Uterine cervical cancer is the second most common cancer in women worldwide. The accuracy of colposcopy is highly dependent on the physicians individual skills. In expert hands, colposcopy has been reported to have a high sensitivity (96%) and a low specificity (48%) when differentiating abnormal tissues. This leads to a significant interest to activities aimed at the new diagnostic systems and new automatic methods of coloposcopic images analysis development. The presented paper is devoted to developing method based on analyses fluorescents images obtained with different excitation wavelength. The sets of images were obtained in clinic by multispectral colposcope LuxCol. The images for one patient includes: images obtained with white light illumination and with polarized white light; fluorescence image obtained by excitation at wavelength of 360nm, 390nm, 430nm and 390nm with 635 nm laser.
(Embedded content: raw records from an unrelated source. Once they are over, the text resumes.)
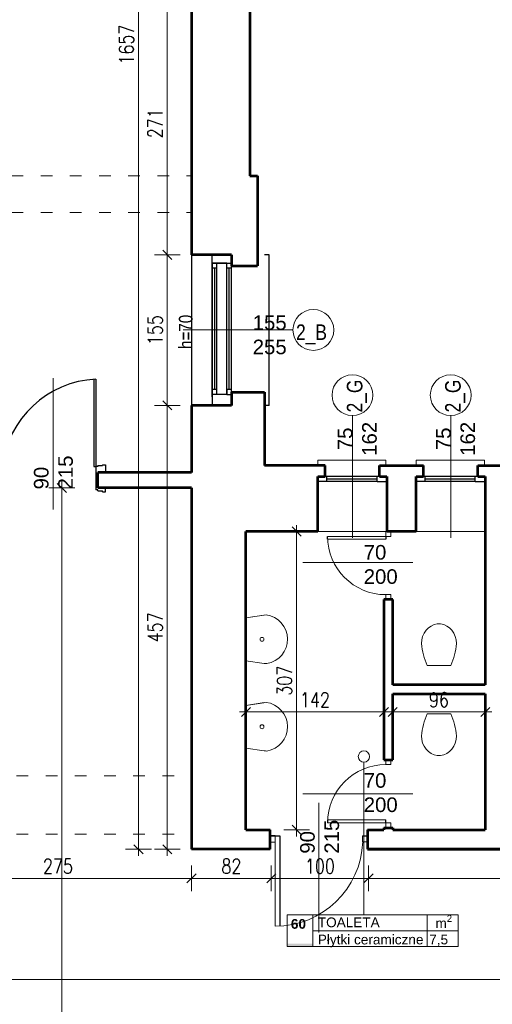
# Model space of a CAD drawing. Header units: millimetres. Extents: x 56977 to 67992, y 30187 to 42235.
# Tile 119 of 130: x 65059 to 65545, y 38844 to 39857. Entities that reach past the tile are written whole.
import ezdxf

# ---------------------------------------------------------------- set-up
doc = ezdxf.new("R2010")
doc.units = ezdxf.units.MM
doc.header["$MEASUREMENT"] = 0
doc.linetypes.add('ACAD_ISO03W100', pattern=[30, 12, -18])
doc.layers.get('0').update_dxf_attribs({"lineweight": 13})
doc.layers.get('DEFPOINTS').update_dxf_attribs({"lineweight": 13})
doc.layers.add('AI-OKNA', color=4, linetype='Continuous')
doc.layers.add('okna', color=8, linetype='Continuous')
for name, color, linetype, lineweight in [('AI-OPISY', 3, 'Continuous', 13), ('AI_MURY', 40, 'Continuous', 53), ('AI_WIDOK', 8, 'Continuous', 13), ('OPISY TABELKI', 30, 'Continuous', 13), ('Standard', 7, 'Continuous', 13), ('wymiary', 8, 'Continuous', 13)]:
    doc.layers.add(name, color=color, linetype=linetype, lineweight=lineweight)
doc.styles.add('GENERATED_STYLE_2', font='txt.shx')
doc.styles.get("Standard").update_dxf_attribs({"font": 'txt.shx'})
doc.styles.add('Style-ROMANS', font='ROMANS.shx')
doc.styles.add('WYMIAROWY-08', font='ROMANS.shx', dxfattribs={"width": 0.8})
doc.dimstyles.new('DYBY', dxfattribs={"dimscale": 100, "dimtxt": 0.15, "dimasz": 0.05, "dimexe": 0.05, "dimexo": 0.1, "dimgap": 0.05, "dimtad": 1, "dimdec": 0, "dimdsep": 46, "dimlunit": 5, "dimtxsty": 'WYMIAROWY-08', "dimblk": 'M_STRZ', "dimcen": 0.1, "dimse1": 1, "dimse2": 1, "dimclrd": 7, "dimclre": 7, "dimclrt": 1, "dimadec": 0, "dimazin": 0, "dimtfac": 1, "dimtdec": 0, "dimtmove": 2, "dimatfit": 3, "dimldrblk": 'M_STRZ', "dimfxl": 0, "dimtolj": 1, "dimarcsym": 0})

# ---------------------------------------------------------------- blocks, each defined once
blk = doc.blocks.new('muszla04')
at = {"flags": 128}
for points in [[(17.9, 32.2), (17.9, 7.8)], [(40.7, 2), (44.4, 2.3), (48, 3.2), (51.3, 4.7), (54.3, 6.7), (56.8, 9.2), (58.7, 12), (60.1, 15.1), (60.8, 18.3), (60.8, 21.7), (60.1, 24.9), (58.7, 28), (56.8, 30.8), (54.3, 33.3), (51.3, 35.3), (48, 36.8), (44.4, 37.7), (40.7, 38)]]:
    blk.add_lwpolyline(points, dxfattribs=at)
for centre, start, end in [((45.8, -29.8), 94.3091, 114.2311), ((45.8, 69.8), 245.7689, 265.6909)]:
    blk.add_arc(centre, 67.9, start, end)
blk = doc.blocks.new('M_STRZ')
for p, q in [((0, 2.66), (0, 0)), ((-1.33, 0), (1.33, 0)), ((-0.94, -0.94), (0.94, 0.94)), ((0, 0), (0, -2.66))]:
    blk.add_line(p, q)
blk = doc.blocks.new('*U67')
at = {"layer": 'DEFPOINTS', "color": 0}
for p in [(65235.5, 39886.1), (65210.6, 39615.1), (65235.5, 39615.1)]:
    blk.add_point(p, dxfattribs=at)
at = {"layer": 'wymiary', "color": 7, "lineweight": -2}
blk.add_line((65210.6, 39881.1), (65210.6, 39620.1), dxfattribs=at)
at = {"layer": 'wymiary', "color": 7, "lineweight": -2, "xscale": 5, "yscale": 5, "zscale": 5}
for p, rotation in [((65210.6, 39886.1), 90), ((65210.6, 39615.1), 270)]:
    blk.add_blockref('M_STRZ', p, dxfattribs=dict(at, rotation=rotation))
at = {"layer": 'wymiary', "color": 1, "insert": (65198.1, 39750.6), "char_height": 15, "attachment_point": 5, "rotation": 90, "style": 'WYMIAROWY-08'}
blk.add_mtext('271', dxfattribs=at)
blk = doc.blocks.new('*D1600')
at = {"layer": 'DEFPOINTS'}
for p in [(65235.5, 39886.1), (65223.1, 39766.9), (65210.6, 39615.1), (65235.5, 39615.1)]:
    blk.add_point(p, dxfattribs=at)
at = {"layer": 'wymiary', "color": 7}
blk.add_blockref('*U67', (0, 0), dxfattribs=at)
blk = doc.blocks.new('*U68')
at = {"layer": 'DEFPOINTS', "color": 0}
for p in [(65235.5, 40660.1), (65181, 39003.1), (65235.5, 39003.1)]:
    blk.add_point(p, dxfattribs=at)
at = {"layer": 'wymiary', "color": 7, "lineweight": -2}
blk.add_line((65181, 40655.1), (65181, 39008.1), dxfattribs=at)
at = {"layer": 'wymiary', "color": 7, "lineweight": -2, "xscale": 5, "yscale": 5, "zscale": 5}
for p, rotation in [((65181, 40660.1), 90), ((65181, 39003.1), 270)]:
    blk.add_blockref('M_STRZ', p, dxfattribs=dict(at, rotation=rotation))
at = {"layer": 'wymiary', "color": 1, "insert": (65168.5, 39831.6), "char_height": 15, "attachment_point": 5, "rotation": 90, "style": 'WYMIAROWY-08'}
blk.add_mtext('1657', dxfattribs=at)
blk = doc.blocks.new('*D1601')
at = {"layer": 'DEFPOINTS'}
for p in [(65235.5, 40660.1), (65193.5, 39852.8), (65181, 39003.1), (65235.5, 39003.1)]:
    blk.add_point(p, dxfattribs=at)
at = {"layer": 'wymiary', "color": 7}
blk.add_blockref('*U68', (0, 0), dxfattribs=at)
blk = doc.blocks.new('*U80')
at = {"layer": 'DEFPOINTS', "color": 0}
for p in [(66309.5, 38869.1), (58601.5, 38743.1), (66309.5, 38743.1)]:
    blk.add_point(p, dxfattribs=at)
at = {"layer": 'wymiary', "color": 7, "lineweight": -2}
blk.add_line((58606.5, 38869.1), (66304.5, 38869.1), dxfattribs=at)
at = {"layer": 'wymiary', "color": 7, "lineweight": -2, "xscale": 5, "yscale": 5, "zscale": 5, "rotation": 180}
blk.add_blockref('M_STRZ', (58601.5, 38869.1), dxfattribs=at)
at = {"layer": 'wymiary', "color": 7, "lineweight": -2, "xscale": 5, "yscale": 5, "zscale": 5}
blk.add_blockref('M_STRZ', (66309.5, 38869.1), dxfattribs=at)
at = {"layer": 'wymiary', "color": 1, "insert": (62455.5, 38881.6), "char_height": 15, "attachment_point": 5, "style": 'WYMIAROWY-08'}
blk.add_mtext('7708', dxfattribs=at)
blk = doc.blocks.new('*D1613')
at = {"layer": 'DEFPOINTS'}
for p in [(62433.5, 38881.6), (66309.5, 38869.1), (58601.5, 38743.1), (66309.5, 38743.1)]:
    blk.add_point(p, dxfattribs=at)
at = {"layer": 'wymiary', "color": 7}
blk.add_blockref('*U80', (0, 0), dxfattribs=at)
blk = doc.blocks.new('*U269')
at = {"layer": 'DEFPOINTS', "color": 0}
for p in [(65235.5, 39615.1), (65210.6, 39460.1), (65235.5, 39460.1)]:
    blk.add_point(p, dxfattribs=at)
at = {"layer": 'wymiary', "color": 7, "lineweight": -2}
blk.add_line((65210.6, 39610.1), (65210.6, 39465.1), dxfattribs=at)
at = {"layer": 'wymiary', "color": 7, "lineweight": -2, "xscale": 5, "yscale": 5, "zscale": 5}
for p, rotation in [((65210.6, 39615.1), 90), ((65210.6, 39460.1), 270)]:
    blk.add_blockref('M_STRZ', p, dxfattribs=dict(at, rotation=rotation))
at = {"layer": 'wymiary', "color": 1, "insert": (65198.1, 39537.6), "char_height": 15, "attachment_point": 5, "rotation": 90, "style": 'WYMIAROWY-08'}
blk.add_mtext('155', dxfattribs=at)
blk = doc.blocks.new('*D1802')
at = {"layer": 'DEFPOINTS'}
for p in [(65235.5, 39615.1), (65223.1, 39553), (65210.6, 39460.1), (65235.5, 39460.1)]:
    blk.add_point(p, dxfattribs=at)
at = {"layer": 'wymiary', "color": 7}
blk.add_blockref('*U269', (0, 0), dxfattribs=at)
blk = doc.blocks.new('*U270')
at = {"layer": 'DEFPOINTS', "color": 0}
for p in [(65235.5, 39460.1), (65210.6, 39003.1), (65235.5, 39003.1)]:
    blk.add_point(p, dxfattribs=at)
at = {"layer": 'wymiary', "color": 7, "lineweight": -2}
blk.add_line((65210.6, 39455.1), (65210.6, 39008.1), dxfattribs=at)
at = {"layer": 'wymiary', "color": 7, "lineweight": -2, "xscale": 5, "yscale": 5, "zscale": 5}
for p, rotation in [((65210.6, 39460.1), 90), ((65210.6, 39003.1), 270)]:
    blk.add_blockref('M_STRZ', p, dxfattribs=dict(at, rotation=rotation))
at = {"layer": 'wymiary', "color": 1, "insert": (65198.1, 39231.6), "char_height": 15, "attachment_point": 5, "rotation": 90, "style": 'WYMIAROWY-08'}
blk.add_mtext('457', dxfattribs=at)
blk = doc.blocks.new('*D1803')
at = {"layer": 'DEFPOINTS'}
for p in [(65235.5, 39460.1), (65223.1, 39247.9), (65210.6, 39003.1), (65235.5, 39003.1)]:
    blk.add_point(p, dxfattribs=at)
at = {"layer": 'wymiary', "color": 7}
blk.add_blockref('*U270', (0, 0), dxfattribs=at)
blk = doc.blocks.new('*U271')
at = {"layer": 'DEFPOINTS', "color": 0}
for p in [(64960.5, 39003.1), (65235.5, 39003.1), (65235.5, 38973.2)]:
    blk.add_point(p, dxfattribs=at)
at = {"layer": 'wymiary', "color": 7, "lineweight": -2}
blk.add_line((64965.5, 38973.2), (65230.5, 38973.2), dxfattribs=at)
at = {"layer": 'wymiary', "color": 7, "lineweight": -2, "xscale": 5, "yscale": 5, "zscale": 5, "rotation": 180}
blk.add_blockref('M_STRZ', (64960.5, 38973.2), dxfattribs=at)
at = {"layer": 'wymiary', "color": 7, "lineweight": -2, "xscale": 5, "yscale": 5, "zscale": 5}
blk.add_blockref('M_STRZ', (65235.5, 38973.2), dxfattribs=at)
at = {"layer": 'wymiary', "color": 1, "insert": (65098, 38985.7), "char_height": 15, "attachment_point": 5, "style": 'WYMIAROWY-08'}
blk.add_mtext('275', dxfattribs=at)
blk = doc.blocks.new('*D1804')
at = {"layer": 'DEFPOINTS'}
for p in [(64960.5, 39003.1), (65235.5, 39003.1), (65235.5, 38973.2), (65081.7, 38960.7)]:
    blk.add_point(p, dxfattribs=at)
at = {"layer": 'wymiary', "color": 7}
blk.add_blockref('*U271', (0, 0), dxfattribs=at)
blk = doc.blocks.new('*U272')
at = {"layer": 'DEFPOINTS', "color": 0}
for p in [(65235.5, 39003.1), (65317.5, 39003.1), (65317.5, 38973.2)]:
    blk.add_point(p, dxfattribs=at)
at = {"layer": 'wymiary', "color": 7, "lineweight": -2}
blk.add_line((65240.5, 38973.2), (65312.5, 38973.2), dxfattribs=at)
at = {"layer": 'wymiary', "color": 7, "lineweight": -2, "xscale": 5, "yscale": 5, "zscale": 5, "rotation": 180}
blk.add_blockref('M_STRZ', (65235.5, 38973.2), dxfattribs=at)
at = {"layer": 'wymiary', "color": 7, "lineweight": -2, "xscale": 5, "yscale": 5, "zscale": 5}
blk.add_blockref('M_STRZ', (65317.5, 38973.2), dxfattribs=at)
at = {"layer": 'wymiary', "color": 1, "insert": (65276.5, 38985.7), "char_height": 15, "attachment_point": 5, "style": 'WYMIAROWY-08'}
blk.add_mtext('82', dxfattribs=at)
blk = doc.blocks.new('*D1805')
at = {"layer": 'DEFPOINTS'}
for p in [(65235.5, 39003.1), (65317.5, 39003.1), (65317.5, 38973.2), (65265.9, 38960.7)]:
    blk.add_point(p, dxfattribs=at)
at = {"layer": 'wymiary', "color": 7}
blk.add_blockref('*U272', (0, 0), dxfattribs=at)
blk = doc.blocks.new('*U273')
at = {"layer": 'DEFPOINTS', "color": 0}
for p in [(65317.5, 39003.1), (65417.5, 39003.1), (65417.5, 38973.2)]:
    blk.add_point(p, dxfattribs=at)
at = {"layer": 'wymiary', "color": 7, "lineweight": -2}
blk.add_line((65322.5, 38973.2), (65412.5, 38973.2), dxfattribs=at)
at = {"layer": 'wymiary', "color": 7, "lineweight": -2, "xscale": 5, "yscale": 5, "zscale": 5, "rotation": 180}
blk.add_blockref('M_STRZ', (65317.5, 38973.2), dxfattribs=at)
at = {"layer": 'wymiary', "color": 7, "lineweight": -2, "xscale": 5, "yscale": 5, "zscale": 5}
blk.add_blockref('M_STRZ', (65417.5, 38973.2), dxfattribs=at)
at = {"layer": 'wymiary', "color": 1, "insert": (65367.5, 38985.7), "char_height": 15, "attachment_point": 5, "style": 'WYMIAROWY-08'}
blk.add_mtext('100', dxfattribs=at)
blk = doc.blocks.new('*D1806')
at = {"layer": 'DEFPOINTS'}
for p in [(65317.5, 39003.1), (65417.5, 39003.1), (65417.5, 38973.2), (65352.1, 38960.7)]:
    blk.add_point(p, dxfattribs=at)
at = {"layer": 'wymiary', "color": 7}
blk.add_blockref('*U273', (0, 0), dxfattribs=at)
blk = doc.blocks.new('*U274')
at = {"layer": 'DEFPOINTS', "color": 0}
for p in [(65417.5, 39003.1), (66070.3, 39003.1), (66070.3, 38973.2)]:
    blk.add_point(p, dxfattribs=at)
at = {"layer": 'wymiary', "color": 7, "lineweight": -2}
blk.add_line((65422.5, 38973.2), (66065.3, 38973.2), dxfattribs=at)
at = {"layer": 'wymiary', "color": 7, "lineweight": -2, "xscale": 5, "yscale": 5, "zscale": 5, "rotation": 180}
blk.add_blockref('M_STRZ', (65417.5, 38973.2), dxfattribs=at)
at = {"layer": 'wymiary', "color": 7, "lineweight": -2, "xscale": 5, "yscale": 5, "zscale": 5}
blk.add_blockref('M_STRZ', (66070.3, 38973.2), dxfattribs=at)
at = {"layer": 'wymiary', "color": 1, "insert": (65743.9, 38985.7), "char_height": 15, "attachment_point": 5, "style": 'WYMIAROWY-08'}
blk.add_mtext('653', dxfattribs=at)
blk = doc.blocks.new('*D1807')
at = {"layer": 'DEFPOINTS'}
for p in [(65417.5, 39003.1), (66070.3, 39003.1), (66070.3, 38973.2), (65727.9, 38960.7)]:
    blk.add_point(p, dxfattribs=at)
at = {"layer": 'wymiary', "color": 7}
blk.add_blockref('*U274', (0, 0), dxfattribs=at)
blk = doc.blocks.new('*U806')
at = {"layer": 'DEFPOINTS', "color": 0}
for p in [(65433.4, 39144.5), (65291.5, 39095.3), (65433.4, 39095.3)]:
    blk.add_point(p, dxfattribs=at)
at = {"layer": 'wymiary', "color": 7, "lineweight": -2}
blk.add_line((65296.5, 39144.5), (65428.4, 39144.5), dxfattribs=at)
at = {"layer": 'wymiary', "color": 7, "lineweight": -2, "xscale": 5, "yscale": 5, "zscale": 5, "rotation": 180}
blk.add_blockref('M_STRZ', (65291.5, 39144.5), dxfattribs=at)
at = {"layer": 'wymiary', "color": 7, "lineweight": -2, "xscale": 5, "yscale": 5, "zscale": 5}
blk.add_blockref('M_STRZ', (65433.4, 39144.5), dxfattribs=at)
at = {"layer": 'wymiary', "color": 1, "insert": (65362.5, 39157), "char_height": 15, "attachment_point": 5, "style": 'WYMIAROWY-08'}
blk.add_mtext('142', dxfattribs=at)
blk = doc.blocks.new('*D2339')
at = {"layer": 'DEFPOINTS'}
for p in [(65347, 39157), (65433.4, 39144.5), (65291.5, 39095.3), (65433.4, 39095.3)]:
    blk.add_point(p, dxfattribs=at)
at = {"layer": 'wymiary', "color": 7}
blk.add_blockref('*U806', (0, 0), dxfattribs=at)
blk = doc.blocks.new('*U807')
at = {"layer": 'DEFPOINTS', "color": 0}
for p in [(65537.7, 39144.5), (65442.4, 39095.3), (65537.7, 39095.3)]:
    blk.add_point(p, dxfattribs=at)
at = {"layer": 'wymiary', "color": 7, "lineweight": -2}
blk.add_line((65447.4, 39144.5), (65532.7, 39144.5), dxfattribs=at)
at = {"layer": 'wymiary', "color": 7, "lineweight": -2, "xscale": 5, "yscale": 5, "zscale": 5, "rotation": 180}
blk.add_blockref('M_STRZ', (65442.4, 39144.5), dxfattribs=at)
at = {"layer": 'wymiary', "color": 7, "lineweight": -2, "xscale": 5, "yscale": 5, "zscale": 5}
blk.add_blockref('M_STRZ', (65537.7, 39144.5), dxfattribs=at)
at = {"layer": 'wymiary', "color": 1, "insert": (65490, 39157), "char_height": 15, "attachment_point": 5, "style": 'WYMIAROWY-08'}
blk.add_mtext('96', dxfattribs=at)
blk = doc.blocks.new('*D2340')
at = {"layer": 'DEFPOINTS'}
for p in [(65479.4, 39157), (65537.7, 39144.5), (65442.4, 39095.3), (65537.7, 39095.3)]:
    blk.add_point(p, dxfattribs=at)
at = {"layer": 'wymiary', "color": 7}
blk.add_blockref('*U807', (0, 0), dxfattribs=at)
blk = doc.blocks.new('*U811')
at = {"layer": 'DEFPOINTS', "color": 0}
for p in [(65291.5, 39330.3), (65291.5, 39023.1), (65343.6, 39023.1)]:
    blk.add_point(p, dxfattribs=at)
at = {"layer": 'wymiary', "color": 7, "lineweight": -2}
blk.add_line((65343.6, 39325.3), (65343.6, 39028.1), dxfattribs=at)
at = {"layer": 'wymiary', "color": 7, "lineweight": -2, "xscale": 5, "yscale": 5, "zscale": 5}
for p, rotation in [((65343.6, 39330.3), 90), ((65343.6, 39023.1), 270)]:
    blk.add_blockref('M_STRZ', p, dxfattribs=dict(at, rotation=rotation))
at = {"layer": 'wymiary', "color": 1, "insert": (65331.1, 39176.7), "char_height": 15, "attachment_point": 5, "rotation": 90, "style": 'WYMIAROWY-08'}
blk.add_mtext('307', dxfattribs=at)
blk = doc.blocks.new('*D2344')
at = {"layer": 'DEFPOINTS'}
for p in [(65291.5, 39330.3), (65331.1, 39193), (65291.5, 39023.1), (65343.6, 39023.1)]:
    blk.add_point(p, dxfattribs=at)
at = {"layer": 'wymiary', "color": 7}
blk.add_blockref('*U811', (0, 0), dxfattribs=at)
blk = doc.blocks.new('*U952')
at = {"layer": 'DEFPOINTS', "color": 0}
for p in [(65011.7, 39375.1), (65011.6, 31744.1), (65102, 31744.1)]:
    blk.add_point(p, dxfattribs=at)
at = {"layer": 'wymiary', "color": 7, "lineweight": -2}
blk.add_line((65102.1, 39370.1), (65102, 31749.1), dxfattribs=at)
at = {"layer": 'wymiary', "color": 7, "lineweight": -2, "xscale": 5, "yscale": 5, "zscale": 5}
for p, rotation in [((65102.1, 39375.1), 89.99988153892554), ((65102, 31744.1), 269.9998815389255)]:
    blk.add_blockref('M_STRZ', p, dxfattribs=dict(at, rotation=rotation))
at = {"layer": 'wymiary', "color": 1, "insert": (65089.5, 35559.6), "char_height": 15, "attachment_point": 5, "rotation": 89.9999, "style": 'WYMIAROWY-08'}
blk.add_mtext('\\H15.000000;7631', dxfattribs=at)
blk = doc.blocks.new('*D2485')
at = {"layer": 'DEFPOINTS'}
for p in [(65011.7, 39375.1), (65089.5, 35581.6), (65011.6, 31744.1), (65102, 31744.1)]:
    blk.add_point(p, dxfattribs=at)
at = {"layer": 'wymiary', "color": 7}
blk.add_blockref('*U952', (0, 0), dxfattribs=at)

msp = doc.modelspace()

# ---------------------------------------------------------------- hatches: boundary and pattern name
at = {"layer": 'OPISY TABELKI', "extrusion": (0, 0, -1)}
msp.add_hatch(color=256, dxfattribs=at).paths.add_polyline_path([(-65360.4, 38903.2), (-65360.4, 38906.1), (-65334, 38906.1), (-65334, 38903.2)], flags=16)

# ---------------------------------------------------------------- linework, layer by layer
at = {"layer": 'AI-OKNA'}
for p, q in [((65256.7, 39468.9), (65256.7, 39615.1)), ((65271.7, 39606.4), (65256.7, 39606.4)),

Our approach involves images acquisition, image processing, features extraction, selection of the most informative features and the most informative image types, classification and pathology map creation. The result of proposed method is the pathology map — the image of cervix shattered on the areas with the definite diagnosis such as norm, CNI (chronic nonspecific inflammation), CIN(cervical intraepithelial neoplasia). The obtained result on the border CNI/CIN sensitivity is 0.85, the specificity is 0.78. Proposed algorithms gives possibility to obtain correct differential pathology map with probability 0.8. Obtained results and classification task characteristics shown possibility of practical application pathology map based on fluorescents images.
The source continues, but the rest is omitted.